▶ _AIM OF THE TASK_
Across the records, how many lines contain "drawing"? Answer with the number alone.

DATASET Block Start

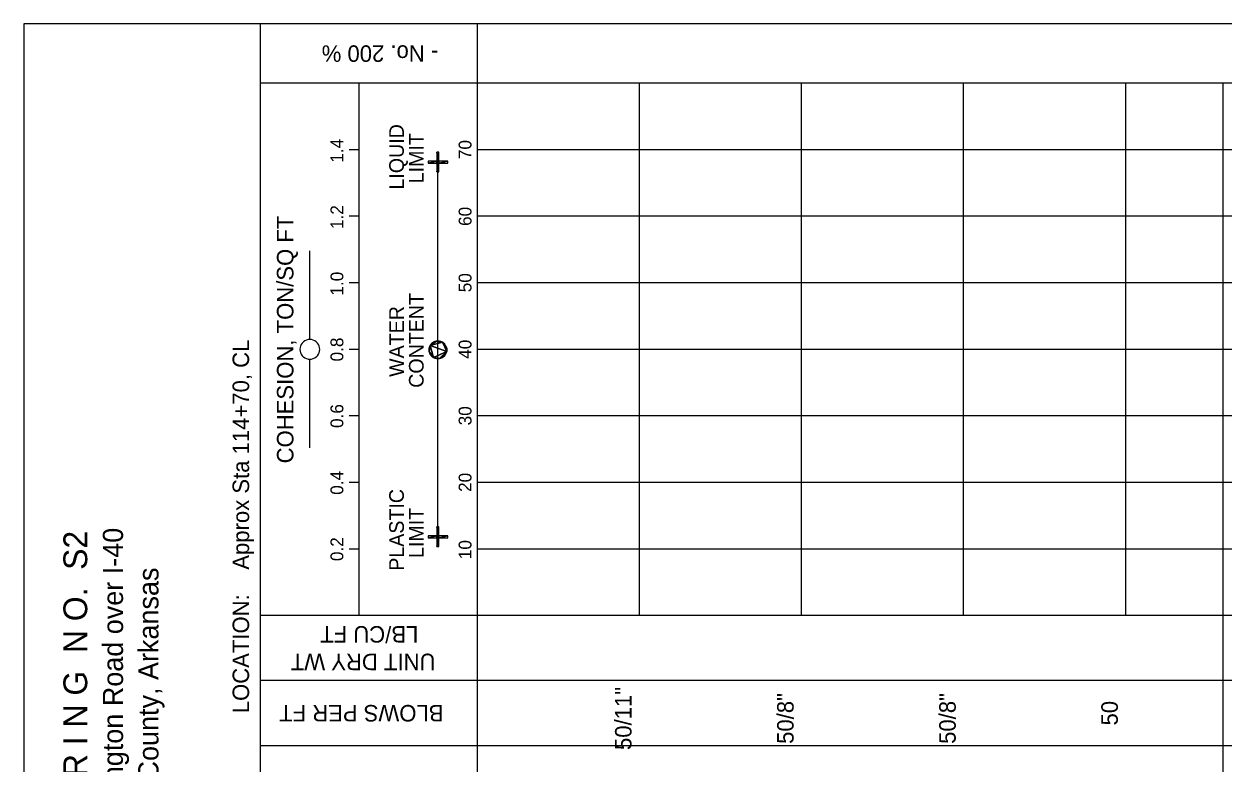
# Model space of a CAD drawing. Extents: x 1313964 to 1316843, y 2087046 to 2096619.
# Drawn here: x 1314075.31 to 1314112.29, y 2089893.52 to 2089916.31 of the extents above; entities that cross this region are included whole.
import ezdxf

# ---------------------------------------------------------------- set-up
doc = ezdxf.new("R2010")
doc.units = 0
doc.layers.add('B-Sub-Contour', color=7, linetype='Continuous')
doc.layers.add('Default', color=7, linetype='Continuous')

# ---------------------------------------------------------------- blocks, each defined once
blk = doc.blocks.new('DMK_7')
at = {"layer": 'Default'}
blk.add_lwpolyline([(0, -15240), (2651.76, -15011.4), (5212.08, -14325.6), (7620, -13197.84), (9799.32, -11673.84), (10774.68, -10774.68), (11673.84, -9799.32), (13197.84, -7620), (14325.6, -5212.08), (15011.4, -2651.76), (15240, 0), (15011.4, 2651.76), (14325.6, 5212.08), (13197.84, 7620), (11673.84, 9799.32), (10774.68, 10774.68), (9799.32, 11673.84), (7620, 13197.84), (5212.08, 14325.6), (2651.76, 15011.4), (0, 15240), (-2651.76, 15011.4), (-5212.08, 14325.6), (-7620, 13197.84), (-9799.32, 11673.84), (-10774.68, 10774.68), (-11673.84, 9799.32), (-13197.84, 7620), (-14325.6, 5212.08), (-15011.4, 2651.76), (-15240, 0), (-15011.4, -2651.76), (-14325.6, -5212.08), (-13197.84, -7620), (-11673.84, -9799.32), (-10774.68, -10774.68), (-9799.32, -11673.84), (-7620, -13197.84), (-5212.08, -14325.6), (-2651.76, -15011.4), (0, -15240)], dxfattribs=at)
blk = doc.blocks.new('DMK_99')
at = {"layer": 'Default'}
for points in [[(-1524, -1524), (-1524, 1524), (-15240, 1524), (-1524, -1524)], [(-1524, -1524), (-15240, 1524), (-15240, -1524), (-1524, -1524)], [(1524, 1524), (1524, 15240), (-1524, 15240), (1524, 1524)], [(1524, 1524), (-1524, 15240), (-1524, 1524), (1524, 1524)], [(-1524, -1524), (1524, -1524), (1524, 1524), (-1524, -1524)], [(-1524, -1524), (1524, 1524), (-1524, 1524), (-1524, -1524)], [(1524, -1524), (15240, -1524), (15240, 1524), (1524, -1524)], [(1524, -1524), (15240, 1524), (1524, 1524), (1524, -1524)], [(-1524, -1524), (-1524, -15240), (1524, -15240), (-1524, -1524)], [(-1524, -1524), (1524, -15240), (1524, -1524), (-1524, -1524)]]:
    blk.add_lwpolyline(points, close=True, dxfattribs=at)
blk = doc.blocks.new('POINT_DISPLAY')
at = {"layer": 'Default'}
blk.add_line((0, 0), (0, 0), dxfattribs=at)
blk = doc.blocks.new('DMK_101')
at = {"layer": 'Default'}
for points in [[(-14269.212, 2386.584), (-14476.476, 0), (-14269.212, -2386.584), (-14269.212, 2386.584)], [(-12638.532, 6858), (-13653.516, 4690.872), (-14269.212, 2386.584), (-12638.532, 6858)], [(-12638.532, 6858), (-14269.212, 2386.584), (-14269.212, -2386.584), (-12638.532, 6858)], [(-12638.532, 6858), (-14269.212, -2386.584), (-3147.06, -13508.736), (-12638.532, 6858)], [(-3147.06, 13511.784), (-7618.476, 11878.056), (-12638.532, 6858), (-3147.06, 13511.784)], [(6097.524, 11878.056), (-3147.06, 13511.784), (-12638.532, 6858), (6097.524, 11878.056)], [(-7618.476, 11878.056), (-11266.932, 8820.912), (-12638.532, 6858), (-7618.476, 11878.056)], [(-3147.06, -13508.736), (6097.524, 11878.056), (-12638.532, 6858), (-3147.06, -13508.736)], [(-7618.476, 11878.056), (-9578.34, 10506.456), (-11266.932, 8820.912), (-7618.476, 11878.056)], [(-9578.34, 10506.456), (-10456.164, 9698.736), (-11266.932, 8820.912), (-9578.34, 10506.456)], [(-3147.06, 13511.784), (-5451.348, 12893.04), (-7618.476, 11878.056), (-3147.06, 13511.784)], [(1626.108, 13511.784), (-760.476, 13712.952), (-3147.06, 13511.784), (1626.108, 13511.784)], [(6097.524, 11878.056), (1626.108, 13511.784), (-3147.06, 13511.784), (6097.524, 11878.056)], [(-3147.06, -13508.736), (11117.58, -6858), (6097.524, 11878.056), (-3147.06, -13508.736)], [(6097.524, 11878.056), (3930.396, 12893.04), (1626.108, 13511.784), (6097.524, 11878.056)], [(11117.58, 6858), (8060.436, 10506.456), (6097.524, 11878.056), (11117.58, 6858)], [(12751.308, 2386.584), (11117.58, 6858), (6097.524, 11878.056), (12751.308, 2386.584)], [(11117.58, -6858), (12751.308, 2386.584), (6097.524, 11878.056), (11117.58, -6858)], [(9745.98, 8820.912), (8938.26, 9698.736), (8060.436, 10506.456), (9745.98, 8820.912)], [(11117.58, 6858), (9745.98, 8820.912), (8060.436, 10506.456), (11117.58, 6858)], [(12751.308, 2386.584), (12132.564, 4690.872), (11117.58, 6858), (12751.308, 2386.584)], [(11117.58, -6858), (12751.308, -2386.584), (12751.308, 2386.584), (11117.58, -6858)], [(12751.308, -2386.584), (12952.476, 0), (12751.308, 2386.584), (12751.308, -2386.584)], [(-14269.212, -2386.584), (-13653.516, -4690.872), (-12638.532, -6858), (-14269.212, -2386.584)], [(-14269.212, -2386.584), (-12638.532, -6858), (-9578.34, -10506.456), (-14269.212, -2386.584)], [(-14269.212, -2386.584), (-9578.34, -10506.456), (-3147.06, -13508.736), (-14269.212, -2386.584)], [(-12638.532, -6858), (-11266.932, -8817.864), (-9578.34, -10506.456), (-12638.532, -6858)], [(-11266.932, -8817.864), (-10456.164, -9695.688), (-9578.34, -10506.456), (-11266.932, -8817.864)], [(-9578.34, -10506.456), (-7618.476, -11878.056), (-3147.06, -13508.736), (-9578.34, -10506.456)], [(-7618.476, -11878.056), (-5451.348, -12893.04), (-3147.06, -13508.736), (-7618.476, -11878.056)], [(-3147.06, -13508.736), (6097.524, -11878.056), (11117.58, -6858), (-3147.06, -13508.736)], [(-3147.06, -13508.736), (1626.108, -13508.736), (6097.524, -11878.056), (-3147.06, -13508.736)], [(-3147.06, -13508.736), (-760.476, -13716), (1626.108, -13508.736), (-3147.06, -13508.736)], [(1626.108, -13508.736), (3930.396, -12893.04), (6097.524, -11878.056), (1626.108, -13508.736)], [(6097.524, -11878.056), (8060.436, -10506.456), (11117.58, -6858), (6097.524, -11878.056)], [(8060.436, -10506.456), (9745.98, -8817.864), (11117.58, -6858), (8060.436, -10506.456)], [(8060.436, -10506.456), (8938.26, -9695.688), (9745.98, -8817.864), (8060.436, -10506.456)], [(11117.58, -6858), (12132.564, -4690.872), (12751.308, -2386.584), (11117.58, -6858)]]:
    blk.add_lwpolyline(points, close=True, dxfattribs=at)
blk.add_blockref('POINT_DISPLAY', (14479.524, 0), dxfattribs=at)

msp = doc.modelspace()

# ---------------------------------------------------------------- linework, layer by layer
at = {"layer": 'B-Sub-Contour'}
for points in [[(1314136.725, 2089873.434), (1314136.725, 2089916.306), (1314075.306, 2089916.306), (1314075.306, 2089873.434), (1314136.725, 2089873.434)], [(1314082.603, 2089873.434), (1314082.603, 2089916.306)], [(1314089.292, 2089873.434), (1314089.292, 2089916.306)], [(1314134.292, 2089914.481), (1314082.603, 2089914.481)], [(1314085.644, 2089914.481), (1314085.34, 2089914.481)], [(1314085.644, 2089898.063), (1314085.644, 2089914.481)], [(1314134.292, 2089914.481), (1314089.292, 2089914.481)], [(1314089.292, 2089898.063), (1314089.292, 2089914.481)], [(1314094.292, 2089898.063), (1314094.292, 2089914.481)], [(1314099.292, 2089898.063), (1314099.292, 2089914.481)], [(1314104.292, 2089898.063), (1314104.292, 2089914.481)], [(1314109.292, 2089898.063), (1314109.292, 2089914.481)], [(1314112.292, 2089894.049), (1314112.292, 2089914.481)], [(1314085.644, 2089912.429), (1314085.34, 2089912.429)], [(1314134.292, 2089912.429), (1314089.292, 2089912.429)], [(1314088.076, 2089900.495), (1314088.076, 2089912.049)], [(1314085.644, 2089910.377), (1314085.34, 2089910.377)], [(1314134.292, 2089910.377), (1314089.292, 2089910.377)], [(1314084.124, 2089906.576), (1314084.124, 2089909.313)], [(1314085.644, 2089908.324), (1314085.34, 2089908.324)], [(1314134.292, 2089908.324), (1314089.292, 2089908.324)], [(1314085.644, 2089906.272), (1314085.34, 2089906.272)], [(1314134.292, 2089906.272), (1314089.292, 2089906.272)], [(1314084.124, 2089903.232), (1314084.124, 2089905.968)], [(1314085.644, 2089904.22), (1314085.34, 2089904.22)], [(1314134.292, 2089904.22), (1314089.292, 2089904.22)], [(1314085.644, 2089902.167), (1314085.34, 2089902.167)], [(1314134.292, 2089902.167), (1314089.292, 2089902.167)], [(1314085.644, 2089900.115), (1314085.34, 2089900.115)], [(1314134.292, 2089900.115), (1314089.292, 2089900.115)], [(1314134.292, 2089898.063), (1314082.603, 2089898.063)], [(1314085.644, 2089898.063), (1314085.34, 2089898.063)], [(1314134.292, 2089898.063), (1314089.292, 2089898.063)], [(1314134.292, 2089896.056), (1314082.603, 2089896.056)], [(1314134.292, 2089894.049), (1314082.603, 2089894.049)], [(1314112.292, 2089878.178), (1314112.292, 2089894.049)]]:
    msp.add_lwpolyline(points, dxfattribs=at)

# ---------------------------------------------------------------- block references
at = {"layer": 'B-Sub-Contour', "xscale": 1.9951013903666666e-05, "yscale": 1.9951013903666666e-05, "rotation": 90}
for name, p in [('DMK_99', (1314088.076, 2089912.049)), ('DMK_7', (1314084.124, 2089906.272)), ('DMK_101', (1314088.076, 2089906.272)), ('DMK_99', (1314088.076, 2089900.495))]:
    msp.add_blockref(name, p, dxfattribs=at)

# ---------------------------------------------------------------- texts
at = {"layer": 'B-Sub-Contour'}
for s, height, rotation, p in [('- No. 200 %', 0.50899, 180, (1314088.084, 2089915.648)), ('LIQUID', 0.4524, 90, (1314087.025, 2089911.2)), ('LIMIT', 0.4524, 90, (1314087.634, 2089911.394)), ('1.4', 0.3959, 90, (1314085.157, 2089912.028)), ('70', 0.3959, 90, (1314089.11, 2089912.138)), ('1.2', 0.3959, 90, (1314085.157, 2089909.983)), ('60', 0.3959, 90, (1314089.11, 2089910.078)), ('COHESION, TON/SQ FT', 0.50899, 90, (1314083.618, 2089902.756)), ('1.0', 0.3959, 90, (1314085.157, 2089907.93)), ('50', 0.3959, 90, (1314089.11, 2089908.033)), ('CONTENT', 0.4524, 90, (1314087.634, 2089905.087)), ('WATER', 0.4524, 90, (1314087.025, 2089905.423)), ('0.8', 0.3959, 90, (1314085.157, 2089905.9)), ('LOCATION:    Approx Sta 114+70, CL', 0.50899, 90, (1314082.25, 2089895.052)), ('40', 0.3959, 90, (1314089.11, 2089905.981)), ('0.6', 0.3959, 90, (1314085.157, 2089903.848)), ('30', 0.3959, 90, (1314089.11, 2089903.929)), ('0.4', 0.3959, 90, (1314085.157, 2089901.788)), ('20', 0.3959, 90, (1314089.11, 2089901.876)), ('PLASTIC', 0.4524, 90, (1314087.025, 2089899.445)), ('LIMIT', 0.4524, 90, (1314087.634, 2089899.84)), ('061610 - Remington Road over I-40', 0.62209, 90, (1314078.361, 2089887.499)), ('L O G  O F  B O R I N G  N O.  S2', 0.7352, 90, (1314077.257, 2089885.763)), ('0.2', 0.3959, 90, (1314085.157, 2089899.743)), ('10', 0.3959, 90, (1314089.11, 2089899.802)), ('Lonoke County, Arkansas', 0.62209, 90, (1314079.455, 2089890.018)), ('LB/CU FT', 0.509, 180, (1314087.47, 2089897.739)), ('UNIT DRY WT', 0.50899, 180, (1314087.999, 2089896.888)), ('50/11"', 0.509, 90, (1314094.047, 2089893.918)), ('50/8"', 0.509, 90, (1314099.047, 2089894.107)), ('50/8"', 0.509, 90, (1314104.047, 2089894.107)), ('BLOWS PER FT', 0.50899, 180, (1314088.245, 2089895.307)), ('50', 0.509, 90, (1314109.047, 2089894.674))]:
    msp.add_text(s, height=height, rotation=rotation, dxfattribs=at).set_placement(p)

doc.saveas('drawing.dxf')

DATASET Block End

▶ _ANSWER SPACE_
2